Дамьен вскочил одним прыжком, опрокинув стул.
– Он топил детей! Как на острове! Вот как он избавлялся от них! – бросил он, прежде чем выбежать на улицу.
17
– Что там, в хлеву?
– Другие рисунки, сделанные другими детьми.
– Откуда ты знаешь, ты здесь всего несколько дней…
– Я была там. Очень долго… Можешь сама посмотреть в хлеву, в глубине чердака…

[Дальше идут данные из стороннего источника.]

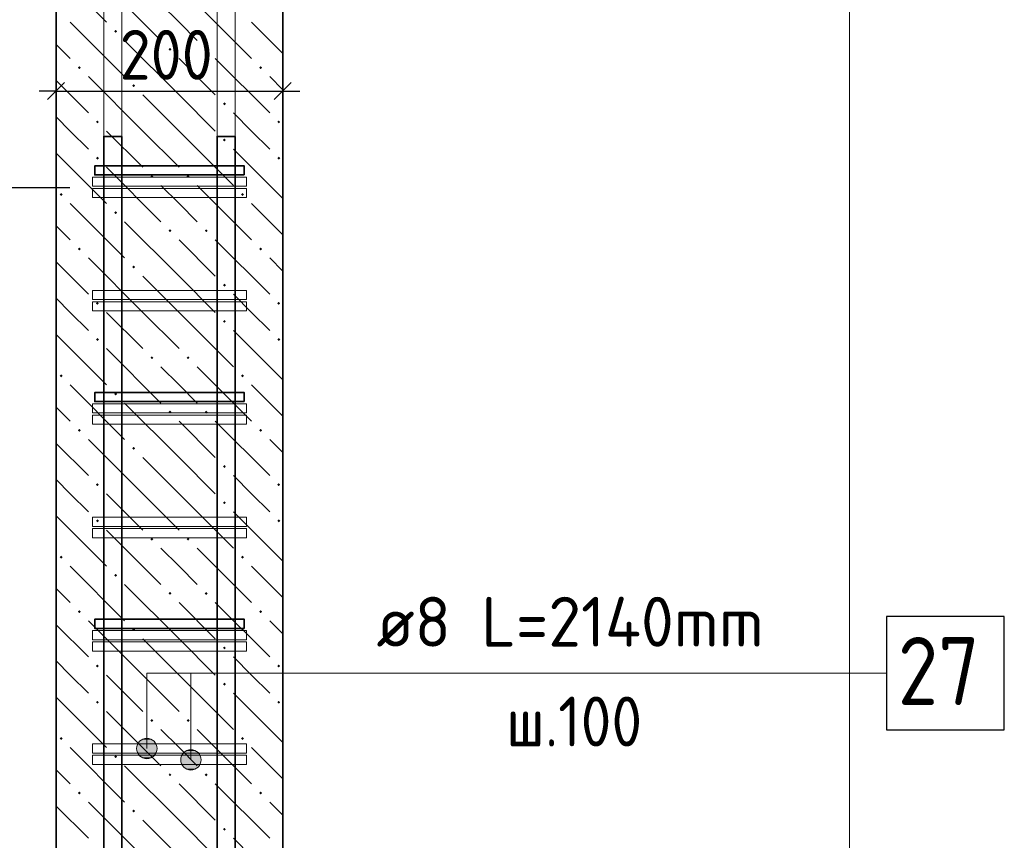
# Model space of a CAD drawing. Header units: millimetres. Extents: x 0 to 42000, y 0 to 29700.
# Tile 7 of 18: x 16947 to 21291, y 8575 to 12195. Entities that reach past the tile are written whole.
import ezdxf

# ---------------------------------------------------------------- set-up
doc = ezdxf.new("R2010")
doc.units = ezdxf.units.MM
for name, color, linetype, lineweight in [('S1 Продольная арматура', 7, 'Continuous', 35), ('Standard', 7, 'Continuous', 25), ('Выпуски арматуры Г-обр.', 52, 'Continuous', 25), ('ЖБ Пилон', 7, 'Continuous', 35), ('Затяжка', 52, 'Continuous', 25), ('Позиционная метка линия выноска', 7, 'Continuous', 13)]:
    doc.layers.add(name, color=color, linetype=linetype, lineweight=lineweight)
doc.layers.add('Хомут', color=7, linetype='Continuous', lineweight=25, true_color=0x6e3c1e)
doc.styles.add('ISOCPEUR', font='txt')

msp = doc.modelspace()

# ---------------------------------------------------------------- hatches: boundary and pattern name
at = {"layer": 'ЖБ Пилон', "linetype": 'Continuous', "lineweight": 18, "transparency": 33554687}
for points in [[(17363.3, 12143.9), (17369.8, 12150.5), (17376.3, 12143.9), (17369.8, 12137.4)], [(17603.3, 12064), (17609.8, 12070.5), (17616.3, 12064), (17609.8, 12057.4)], [(17763.3, 12064), (17769.8, 12070.5), (17776.3, 12064), (17769.8, 12057.4)], [(17203.3, 11984), (17209.8, 11990.5), (17216.3, 11984), (17209.8, 11977.4)], [(18003.3, 11984), (18009.8, 11990.5), (18016.3, 11984), (18009.8, 11977.4)], [(17443.3, 11904), (17449.8, 11910.5), (17456.3, 11904), (17449.8, 11897.5)], [(17843.3, 11823.9), (17849.8, 11830.5), (17856.3, 11823.9), (17849.8, 11817.5)], [(17283.3, 11743.9), (17289.8, 11750.5), (17296.3, 11743.9), (17289.8, 11737.4)], [(18083.3, 11743.9), (18089.8, 11750.5), (18096.3, 11743.9), (18089.8, 11737.4)], [(17843.3, 11664), (17849.8, 11670.5), (17856.3, 11664), (17849.8, 11657.4)], [(17283.3, 11584), (17289.8, 11590.5), (17296.3, 11584), (17289.8, 11577.4)], [(18083.3, 11584), (18089.8, 11590.5), (18096.3, 11584), (18089.8, 11577.4)], [(17523.3, 11504), (17529.8, 11510.5), (17536.3, 11504), (17529.8, 11497.5)], [(17683.3, 11504), (17689.8, 11510.5), (17696.3, 11504), (17689.8, 11497.5)], [(17123.3, 11423.9), (17129.8, 11430.5), (17136.3, 11423.9), (17129.8, 11417.5)], [(17923.3, 11423.9), (17929.8, 11430.5), (17936.3, 11423.9), (17929.8, 11417.5)], [(17363.3, 11343.9), (17369.8, 11350.5), (17376.3, 11343.9), (17369.8, 11337.4)], [(17603.3, 11264), (17609.8, 11270.5), (17616.3, 11264), (17609.8, 11257.4)], [(17763.3, 11264), (17769.8, 11270.5), (17776.3, 11264), (17769.8, 11257.4)], [(17203.3, 11184), (17209.8, 11190.5), (17216.3, 11184), (17209.8, 11177.4)], [(18003.3, 11184), (18009.8, 11190.5), (18016.3, 11184), (18009.8, 11177.4)], [(17443.3, 11104), (17449.8, 11110.5), (17456.3, 11104), (17449.8, 11097.5)], [(17843.3, 11023.9), (17849.8, 11030.5), (17856.3, 11023.9), (17849.8, 11017.5)], [(17283.3, 10943.9), (17289.8, 10950.5), (17296.3, 10943.9), (17289.8, 10937.4)], [(18083.3, 10943.9), (18089.8, 10950.5), (18096.3, 10943.9), (18089.8, 10937.4)], [(17843.3, 10864), (17849.8, 10870.5), (17856.3, 10864), (17849.8, 10857.4)], [(17283.3, 10784), (17289.8, 10790.5), (17296.3, 10784), (17289.8, 10777.4)], [(18083.3, 10784), (18089.8, 10790.5), (18096.3, 10784), (18089.8, 10777.4)], [(17523.3, 10704), (17529.8, 10710.5), (17536.3, 10704), (17529.8, 10697.5)], [(17683.3, 10704), (17689.8, 10710.5), (17696.3, 10704), (17689.8, 10697.5)], [(17123.3, 10623.9), (17129.8, 10630.5), (17136.3, 10623.9), (17129.8, 10617.5)], [(17923.3, 10623.9), (17929.8, 10630.5), (17936.3, 10623.9), (17929.8, 10617.5)], [(17363.3, 10543.9), (17369.8, 10550.5), (17376.3, 10543.9), (17369.8, 10537.4)], [(17603.3, 10464), (17609.8, 10470.5), (17616.3, 10464), (17609.8, 10457.4)], [(17763.3, 10464), (17769.8, 10470.5), (17776.3, 10464), (17769.8, 10457.4)], [(17203.3, 10384), (17209.8, 10390.5), (17216.3, 10384), (17209.8, 10377.4)], [(18003.3, 10384), (18009.8, 10390.5), (18016.3, 10384), (18009.8, 10377.4)], [(17443.3, 10304), (17449.8, 10310.5), (17456.3, 10304), (17449.8, 10297.4)], [(17843.3, 10223.9), (17849.8, 10230.5), (17856.3, 10223.9), (17849.8, 10217.5)], [(17283.3, 10143.9), (17289.8, 10150.5), (17296.3, 10143.9), (17289.8, 10137.4)], [(18083.3, 10143.9), (18089.8, 10150.5), (18096.3, 10143.9), (18089.8, 10137.4)], [(17843.3, 10064), (17849.8, 10070.5), (17856.3, 10064), (17849.8, 10057.4)], [(17283.3, 9984), (17289.8, 9990.5), (17296.3, 9984), (17289.8, 9977.4)], [(18083.3, 9984), (18089.8, 9990.5), (18096.3, 9984), (18089.8, 9977.4)], [(17523.3, 9904), (17529.8, 9910.5), (17536.3, 9904), (17529.8, 9897.4)], [(17683.3, 9904), (17689.8, 9910.5), (17696.3, 9904), (17689.8, 9897.4)], [(17123.3, 9823.9), (17129.8, 9830.5), (17136.3, 9823.9), (17129.8, 9817.5)], [(17923.3, 9823.9), (17929.8, 9830.5), (17936.3, 9823.9), (17929.8, 9817.5)], [(17363.3, 9743.9), (17369.8, 9750.5), (17376.3, 9743.9), (17369.8, 9737.4)], [(17603.3, 9664), (17609.8, 9670.5), (17616.3, 9664), (17609.8, 9657.4)], [(17763.3, 9664), (17769.8, 9670.5), (17776.3, 9664), (17769.8, 9657.4)], [(17203.3, 9584), (17209.8, 9590.5), (17216.3, 9584), (17209.8, 9577.4)], [(18003.3, 9584), (18009.8, 9590.5), (18016.3, 9584), (18009.8, 9577.4)], [(17443.3, 9504), (17449.8, 9510.5), (17456.3, 9504), (17449.8, 9497.4)], [(17843.3, 9423.9), (17849.8, 9430.5), (17856.3, 9423.9), (17849.8, 9417.5)], [(17283.3, 9343.9), (17289.8, 9350.5), (17296.3, 9343.9), (17289.8, 9337.4)], [(18083.3, 9343.9), (18089.8, 9350.5), (18096.3, 9343.9), (18089.8, 9337.4)], [(17843.3, 9264), (17849.8, 9270.5), (17856.3, 9264), (17849.8, 9257.4)], [(17283.3, 9184), (17289.8, 9190.5), (17296.3, 9184), (17289.8, 9177.4)], [(18083.3, 9184), (18089.8, 9190.5), (18096.3, 9184), (18089.8, 9177.4)], [(17523.3, 9104), (17529.8, 9110.5), (17536.3, 9104), (17529.8, 9097.4)], [(17683.3, 9104), (17689.8, 9110.5), (17696.3, 9104), (17689.8, 9097.4)], [(17123.3, 9024), (17129.8, 9030.5), (17136.3, 9024), (17129.8, 9017.5)], [(17923.3, 9024), (17929.8, 9030.5), (17936.3, 9024), (17929.8, 9017.5)], [(17363.3, 8943.9), (17369.8, 8950.5), (17376.3, 8943.9), (17369.8, 8937.4)], [(17603.3, 8863.9), (17609.8, 8870.5), (17616.3, 8863.9), (17609.8, 8857.4)], [(17763.3, 8863.9), (17769.8, 8870.5), (17776.3, 8863.9), (17769.8, 8857.4)], [(17203.3, 8784), (17209.8, 8790.5), (17216.3, 8784), (17209.8, 8777.4)], [(18003.3, 8784), (18009.8, 8790.5), (18016.3, 8784), (18009.8, 8777.4)], [(17443.3, 8704), (17449.8, 8710.5), (17456.3, 8704), (17449.8, 8697.4)], [(17843.3, 8624), (17849.8, 8630.5), (17856.3, 8624), (17849.8, 8617.5)]]:
    msp.add_hatch(color=7, dxfattribs=at).paths.add_polyline_path(points, flags=16)
at = {"layer": 'Позиционная метка линия выноска', "linetype": 'Continuous', "lineweight": 13, "transparency": 33554687}
for points in [[(17546.3, 9002.6), (17468.9, 9002.6), (17462.6, 8980.1)], [(17546.3, 9002.6), (17462.6, 8980.1), (17552.6, 8980.1)], [(17530.1, 9018.8), (17485.1, 9018.8), (17468.9, 9002.6)], [(17530.1, 9018.8), (17468.9, 9002.6), (17546.3, 9002.6)], [(17485.1, 9018.8), (17530.1, 9018.8), (17507.6, 9025.1)], [(17552.6, 8980.1), (17462.6, 8980.1), (17468.9, 8957.6)], [(17552.6, 8980.1), (17468.9, 8957.6), (17546.3, 8957.6)], [(17546.3, 8957.6), (17468.9, 8957.6), (17485.1, 8941.4)], [(17546.3, 8957.6), (17485.1, 8941.4), (17530.1, 8941.4)], [(17740.7, 8952.6), (17663.3, 8952.6), (17657, 8930.1)], [(17740.7, 8952.6), (17657, 8930.1), (17747, 8930.1)], [(17724.5, 8968.8), (17679.5, 8968.8), (17663.3, 8952.6)], [(17724.5, 8968.8), (17663.3, 8952.6), (17740.7, 8952.6)], [(17679.5, 8968.8), (17724.5, 8968.8), (17702, 8975.1)], [(17530.1, 8941.4), (17485.1, 8941.4), (17507.6, 8935.1)], [(17747, 8930.1), (17657, 8930.1), (17663.3, 8907.6)], [(17747, 8930.1), (17663.3, 8907.6), (17740.7, 8907.6)], [(17740.7, 8907.6), (17663.3, 8907.6), (17679.5, 8891.4)], [(17740.7, 8907.6), (17679.5, 8891.4), (17724.5, 8891.4)], [(17724.5, 8891.4), (17679.5, 8891.4), (17702, 8885.1)]]:
    msp.add_hatch(color=7, dxfattribs=at).paths.add_polyline_path(points)

# ---------------------------------------------------------------- linework, layer by layer
at = {"layer": 'S1 Продольная арматура', "color": 7, "linetype": 'Continuous', "lineweight": 18, "transparency": 33554687}
for points in [[(17317.6, 5030.1), (17317.6, 26380.1), (17397.6, 26380.1), (17397.6, 5030.1), (17317.6, 5030.1)], [(17317.6, 5030.1), (17317.6, 26380.1), (17397.6, 26380.1), (17397.6, 5030.1), (17317.6, 5030.1)], [(17317.6, 5030.1), (17317.6, 26380.1), (17397.6, 26380.1), (17397.6, 5030.1), (17317.6, 5030.1)], [(17317.6, 5030.1), (17317.6, 26380.1), (17397.6, 26380.1), (17397.6, 5030.1), (17317.6, 5030.1)], [(17317.6, 5030.1), (17317.6, 26380.1), (17397.6, 26380.1), (17397.6, 5030.1), (17317.6, 5030.1)], [(17317.6, 5030.1), (17317.6, 26380.1), (17397.6, 26380.1), (17397.6, 5030.1), (17317.6, 5030.1)], [(17317.6, 5030.1), (17317.6, 26380.1), (17397.6, 26380.1), (17397.6, 5030.1), (17317.6, 5030.1)], [(17317.6, 5030.1), (17317.6, 26380.1), (17397.6, 26380.1), (17397.6, 5030.1), (17317.6, 5030.1)], [(17317.6, 5030.1), (17317.6, 26380.1), (17397.6, 26380.1), (17397.6, 5030.1), (17317.6, 5030.1)], [(17317.6, 5030.1), (17317.6, 26380.1), (17397.6, 26380.1), (17397.6, 5030.1), (17317.6, 5030.1)], [(17817.6, 5030.1), (17817.6, 26380.1), (17897.6, 26380.1), (17897.6, 5030.1), (17817.6, 5030.1)], [(17817.6, 5030.1), (17817.6, 26380.1), (17897.6, 26380.1), (17897.6, 5030.1), (17817.6, 5030.1)], [(17817.6, 5030.1), (17817.6, 26380.1), (17897.6, 26380.1), (17897.6, 5030.1), (17817.6, 5030.1)], [(17817.6, 5030.1), (17817.6, 26380.1), (17897.6, 26380.1), (17897.6, 5030.1), (17817.6, 5030.1)], [(17817.6, 5030.1), (17817.6, 26380.1), (17897.6, 26380.1), (17897.6, 5030.1), (17817.6, 5030.1)], [(17817.6, 5030.1), (17817.6, 26380.1), (17897.6, 26380.1), (17897.6, 5030.1), (17817.6, 5030.1)], [(17817.6, 5030.1), (17817.6, 26380.1), (17897.6, 26380.1), (17897.6, 5030.1), (17817.6, 5030.1)], [(17817.6, 5030.1), (17817.6, 26380.1), (17897.6, 26380.1), (17897.6, 5030.1), (17817.6, 5030.1)], [(17817.6, 5030.1), (17817.6, 26380.1), (17897.6, 26380.1), (17897.6, 5030.1), (17817.6, 5030.1)], [(17817.6, 5030.1), (17817.6, 26380.1), (17897.6, 26380.1), (17897.6, 5030.1), (17817.6, 5030.1)]]:
    msp.add_lwpolyline(points, dxfattribs=at)
at = {"layer": 'Standard', "color": 7, "linetype": 'Continuous', "lineweight": -3, "transparency": 33554687}
for p, q in [((17107.6, 11880.1), (17107.6, 12005.1)), ((18107.6, 11880.1), (18107.6, 12005.1)), ((17107.6, 11880.1), (17032.6, 11880.1)), ((17107.6, 11880.1), (17107.6, 11755.1)), ((17107.6, 11880.1), (17107.6, 11880.1)), ((17107.6, 11880.1), (18107.6, 11880.1)), ((18107.6, 11880.1), (18107.6, 11755.1)), ((18107.6, 11880.1), (18107.6, 11880.1)), ((18107.6, 11880.1), (18182.6, 11880.1)), ((15725.9, 11455.1), (17167.6, 11455.1))]:
    msp.add_line(p, q, dxfattribs=at)
at = {"layer": 'Standard', "color": 7, "linetype": 'Continuous', "lineweight": 25, "transparency": 33554687}
for p, q in [((17070.1, 11842.6), (17145.1, 11917.6)), ((18070.1, 11842.6), (18145.1, 11917.6))]:
    msp.add_line(p, q, dxfattribs=at)
at = {"layer": 'Standard', "color": 254, "linetype": 'Continuous', "lineweight": 13, "true_color": 0xc4c4ff, "transparency": 33554687}
msp.add_lwpolyline([(14607.6, 2088.5), (20607.6, 2088.5), (20607.6, 27230.1), (14607.6, 27230.1), (14607.6, 2088.5)], dxfattribs=at)
at = {"layer": 'Выпуски арматуры Г-обр.', "color": 7, "linetype": 'Continuous', "lineweight": 35, "transparency": 33554687}
for points in [[(17397.6, 11680.1), (17397.6, 3674.5), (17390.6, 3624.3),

Я вихрем взлетела вверх по лестнице. Вернст мог вернуться с минуты на минуту, солнце уже опасно клонилось к горизонту. Я быстрым шагом вышла из дома, обогнула иву и направилась к хлеву, не заботясь о том, что меня кто-нибудь может увидеть. «Это невозможно, девчонка несет полную чушь», – повторяла я, пока искала лестницу. Я выбралась через люк на чердак и направилась к его дальнему концу, с трудом обходя груды хлама, которые полумрак превращал в опасные ловушки. В глубине помещения я заметила слуховое окно. Слабый свет угасающего дня послужил мне маяком, направив к нише, которой не было видно от люка. И тогда я увидела матрас. Идентичный тому, на котором я провела столько ночей. Я упала на колени. Цепь, родная сестра той, что когда-то сковывала мое запястье, торчала из стены и змеилась по полу, заканчиваясь железным браслетом.
– Это невозможно, – выдохнула я, – это невозможно…
Я медленно подняла голову, чтобы взглянуть на стену.
Там, разбросанные в разных местах, были нарисованы человечки, мелом или чем-то другим. Никаких красок. Только серые палочки и круги. Имена были написаны разным почерком, разными маленькими руками… Десять имен, одно из которых – Мелани. Десять котов…
Я принялась лупить по матрасу изо всех сил. Я заглушала свои вопли, засунув в рот кулак. «Вот почему этот подонок меня больше не трогал! Вовсе не потому, что он раскаялся, он продолжал удовлетворять свою потребность, скрывая это от меня… Вот почему я не должна была приближаться к хлеву! Он никогда не переставал быть монстром… Каждый вечер… В 20 часов 37 минут… Он похищал детей, чтобы утолить свой сексуальный голод, чтобы… чтобы больше не истязать меня… О, боже… Он сделал это, чтобы защитить меня… Я – причина всего этого…»
Меня охватила настоящая истерика, когда я осознала, в какого монстра превратилась.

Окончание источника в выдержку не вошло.